- [Extracted material]:
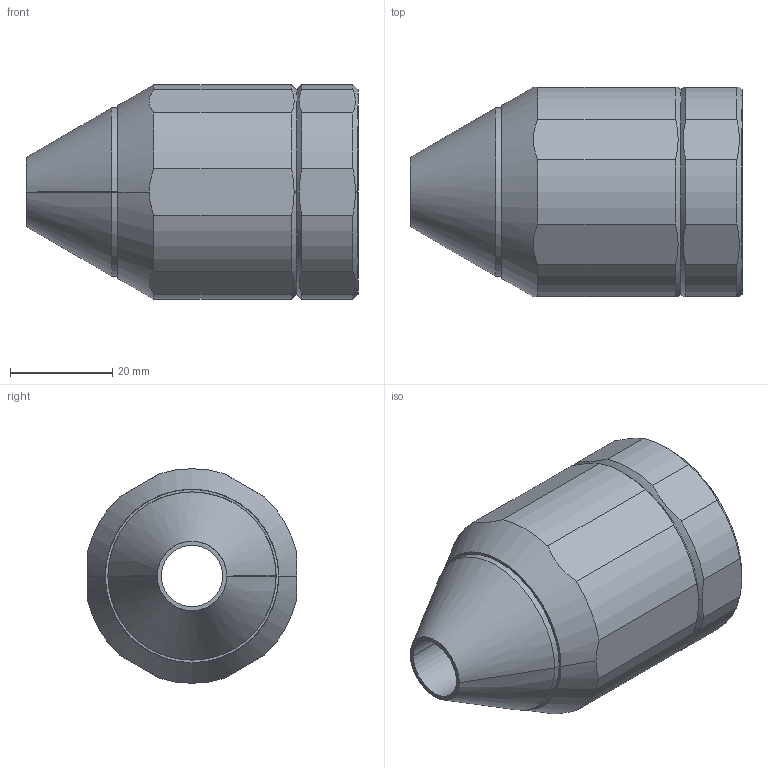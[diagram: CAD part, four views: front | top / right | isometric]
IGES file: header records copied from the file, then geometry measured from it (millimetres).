
Start section: SolidWorks IGES file using analytic representation for surfaces
Global section: file name: G:\SILVENT AB\ENGINEERING\Drawings\ÖVRIGT\IGES\Silvent 745 L.IGS; native system: SolidWorks 2016; preprocessor: SolidWorks 2016; author: R.Tibell; date: 210301.064504; units: millimetre
Bounding box: 65 x 41 x 42 mm (x, y, z)
Surface area: 13478.2 mm2 (no closed solid volume)
Topology: 0 solids, 0 shells, 44 faces, 760 edges, 760 vertices
Faces by surface type: revolution 28, bspline 16
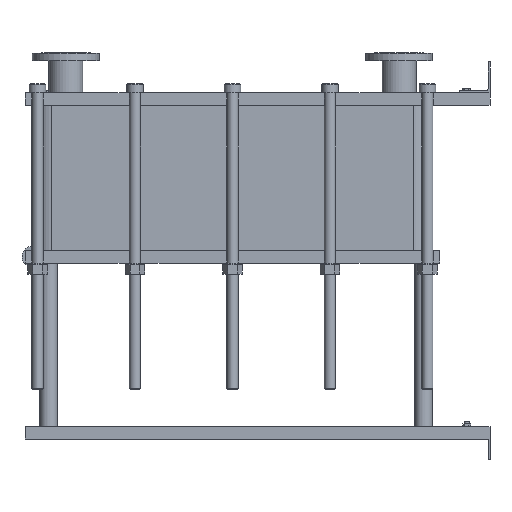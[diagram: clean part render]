
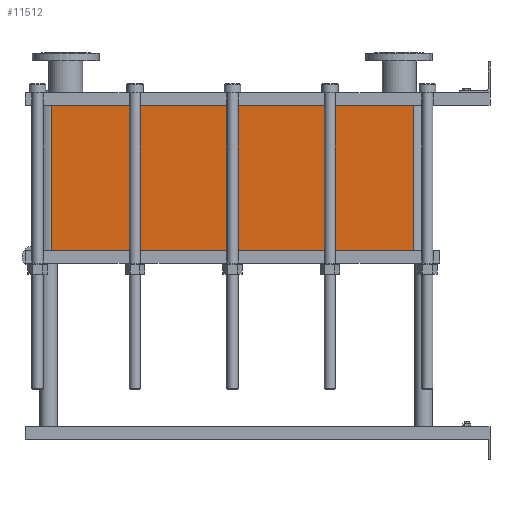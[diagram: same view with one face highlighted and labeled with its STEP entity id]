
A CAD part, left-side view. The second image highlights one B-rep face of the part: STEP entity #11512.
In plain terms, the highlighted planar face has unit normal (-1, 0, 0).
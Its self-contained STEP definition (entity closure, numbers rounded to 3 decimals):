
#1129=LINE('',#23232,#2102);
#1130=LINE('',#23236,#2103);
#1131=LINE('',#23238,#2104);
#1132=LINE('',#23239,#2105);
#2102=VECTOR('',#15887,10.);
#2103=VECTOR('',#15892,10.);
#2104=VECTOR('',#15893,10.);
#2105=VECTOR('',#15894,10.);
#3267=FACE_OUTER_BOUND('',#4093,.T.);
#4093=EDGE_LOOP('',(#10103,#10104,#10105,#10106));
#5642=VERTEX_POINT('',#23229);
#5643=VERTEX_POINT('',#23231);
#5644=VERTEX_POINT('',#23235);
#5645=VERTEX_POINT('',#23237);
#7159=EDGE_CURVE('',#5643,#5642,#1129,.T.);
#7161=EDGE_CURVE('',#5642,#5644,#1130,.T.);
#7162=EDGE_CURVE('',#5645,#5644,#1131,.T.);
#7163=EDGE_CURVE('',#5645,#5643,#1132,.T.);
#10103=ORIENTED_EDGE('',*,*,#7161,.T.);
#10104=ORIENTED_EDGE('',*,*,#7162,.F.);
#10105=ORIENTED_EDGE('',*,*,#7163,.T.);
#10106=ORIENTED_EDGE('',*,*,#7159,.T.);
#10857=PLANE('',#12751);
#11512=ADVANCED_FACE('',(#3267),#10857,.T.);
#12751=AXIS2_PLACEMENT_3D('',#23234,#15890,#15891);
#15887=DIRECTION('',(0.,0.,-1.));
#15890=DIRECTION('center_axis',(-1.,0.,0.));
#15891=DIRECTION('ref_axis',(0.,1.,0.));
#15892=DIRECTION('',(0.,-1.,0.));
#15893=DIRECTION('',(0.,0.,-1.));
#15894=DIRECTION('',(0.,1.,0.));
#23229=CARTESIAN_POINT('',(-200.,1414.,-469.2));
#23231=CARTESIAN_POINT('',(-200.,1414.,0.));
#23232=CARTESIAN_POINT('',(-200.,1414.,0.));
#23234=CARTESIAN_POINT('Origin',(-200.,248.,0.));
#23235=CARTESIAN_POINT('',(-200.,248.,-469.2));
#23236=CARTESIAN_POINT('',(-200.,539.5,-469.2));
#23237=CARTESIAN_POINT('',(-200.,248.,0.));
#23238=CARTESIAN_POINT('',(-200.,248.,0.));
#23239=CARTESIAN_POINT('',(-200.,248.,0.));
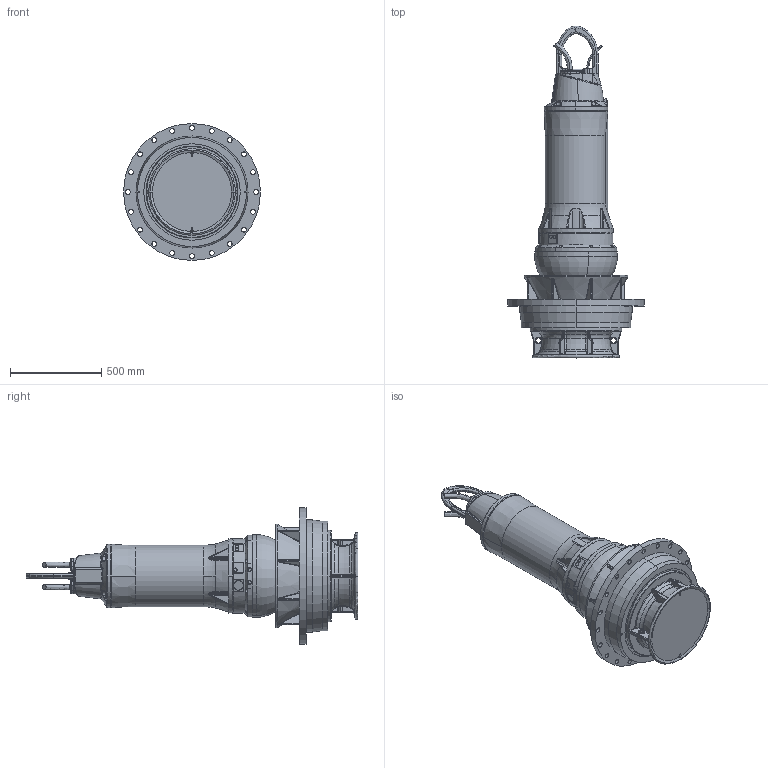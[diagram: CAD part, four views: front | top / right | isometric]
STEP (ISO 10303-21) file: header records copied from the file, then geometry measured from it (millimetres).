
FILE_DESCRIPTION (( 'STEP AP214' ), '1' );
FILE_NAME ('PE4_VUPX0400_DIN_B_NG2.STEP', '2017-03-07T06:42:19', ( '' ), ( '' ), 'SwSTEP 2.0', 'SolidWorks 2017', '' );
FILE_SCHEMA (( 'AUTOMOTIVE_DESIGN' ));
Length unit declared in the file: millimetre
Products named in the file (1): PE4_VUPX0400_DIN_B_NG2
Bounding box: 752 x 1823.4 x 752 mm (x, y, z)
Volume: 192066305.6 mm3; surface area: 4024138.2 mm2
Topology: 4 solids, 8 shells, 1622 faces, 3895 edges, 2277 vertices
Faces by surface type: bspline 507, cylinder 487, plane 262, torus 208, cone 112, sphere 46
Entity records: 93562 total; most frequent: CARTESIAN_POINT 41813, ORIENTED_EDGE 7702, DIRECTION 6411, EDGE_CURVE 3851, AXIS2_PLACEMENT_3D 2740, VERTEX_POINT 2277, EDGE_LOOP 1708, UNCERTAINTY_MEASURE_WITH_UNIT 1628
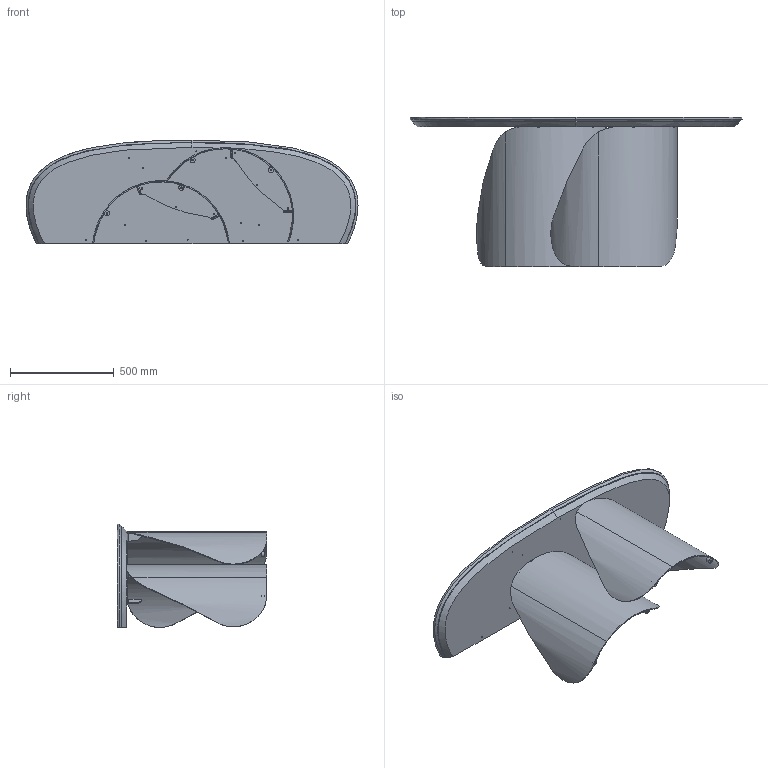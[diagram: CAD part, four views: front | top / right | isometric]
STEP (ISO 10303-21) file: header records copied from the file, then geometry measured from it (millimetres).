
FILE_DESCRIPTION (( 'STEP AP203' ), '1' );
FILE_NAME ('ON60M_Onda Console_160x50x72h_Marble Shaped.STEP', '2024-08-06T09:47:14', ( '' ), ( '' ), 'SwSTEP 2.0', 'SolidWorks 2022', '' );
FILE_SCHEMA (( 'CONFIG_CONTROL_DESIGN' ));
Length unit declared in the file: millimetre
Products named in the file (8): TRUXXXX-02-NOBILITATO Sasso per console_160x50; KXXXX-00-piani MARMO Sasso per console_160x50; OND000000_03-00-LAMIERA CURVATA PRINCIPALE_OND00000X-00-ONDA BASE GREZZA PROTOTIPO; ON60M_Onda Console_160x50x72h_Marble Shaped; OND000000_02-00-CILINDRO DI FISSAGGIO Ø25X17 M8; OND000000-03-ONDA BASE GREZZA; OND000000_01-00-PIASTRA SUPERIORE BASE ONDA; KXXXX-00-piani MARMO Sasso per console_160X50
Assembly tree (9 placements, depth 3):
  ON60M_Onda Console_160x50x72h_Marble Shaped
    KXXXX-00-piani MARMO Sasso per console_160X50
      TRUXXXX-02-NOBILITATO Sasso per console_160x50
      KXXXX-00-piani MARMO Sasso per console_160x50
    OND000000-03-ONDA BASE GREZZA  x2
      OND000000_03-00-LAMIERA CURVATA PRINCIPALE_OND00000X-00-ONDA BASE GREZZA PROTOTIPO
      OND000000_01-00-PIASTRA SUPERIORE BASE ONDA
      OND000000_02-00-CILINDRO DI FISSAGGIO Ø25X17 M8
Bounding box: 1600 x 720 x 500 mm (x, y, z)
Volume: 36479292.4 mm3; surface area: 5218959 mm2
Topology: 10 solids, 10 shells, 282 faces, 712 edges, 430 vertices
Faces by surface type: cylinder 128, plane 66, bspline 48, cone 40
Entity records: 10336 total; most frequent: CARTESIAN_POINT 5387, ORIENTED_EDGE 842, DIRECTION 821, EDGE_CURVE 421, AXIS2_PLACEMENT_3D 327, VERTEX_POINT 268, EDGE_LOOP 213, ADVANCED_FACE 183

- [Exercise instructions]:
Please quote the lines of the material, beginning with the first and ending with the one that contains "Bounding box: 65 x 41 x 42 mm (x, y, z)", exactly as written and without any pictures.

- [Task result]:
[diagram: CAD part, four views: front | top / right | isometric]
IGES file: header records copied from the file, then geometry measured from it (millimetres).
Start section: SolidWorks IGES file using analytic representation for surfaces
Global section: file name: G:\SILVENT AB\ENGINEERING\Drawings\ÖVRIGT\IGES\Silvent 745 L.IGS; native system: SolidWorks 2016; preprocessor: SolidWorks 2016; author: R.Tibell; date: 210301.064504; units: millimetre
Bounding box: 65 x 41 x 42 mm (x, y, z)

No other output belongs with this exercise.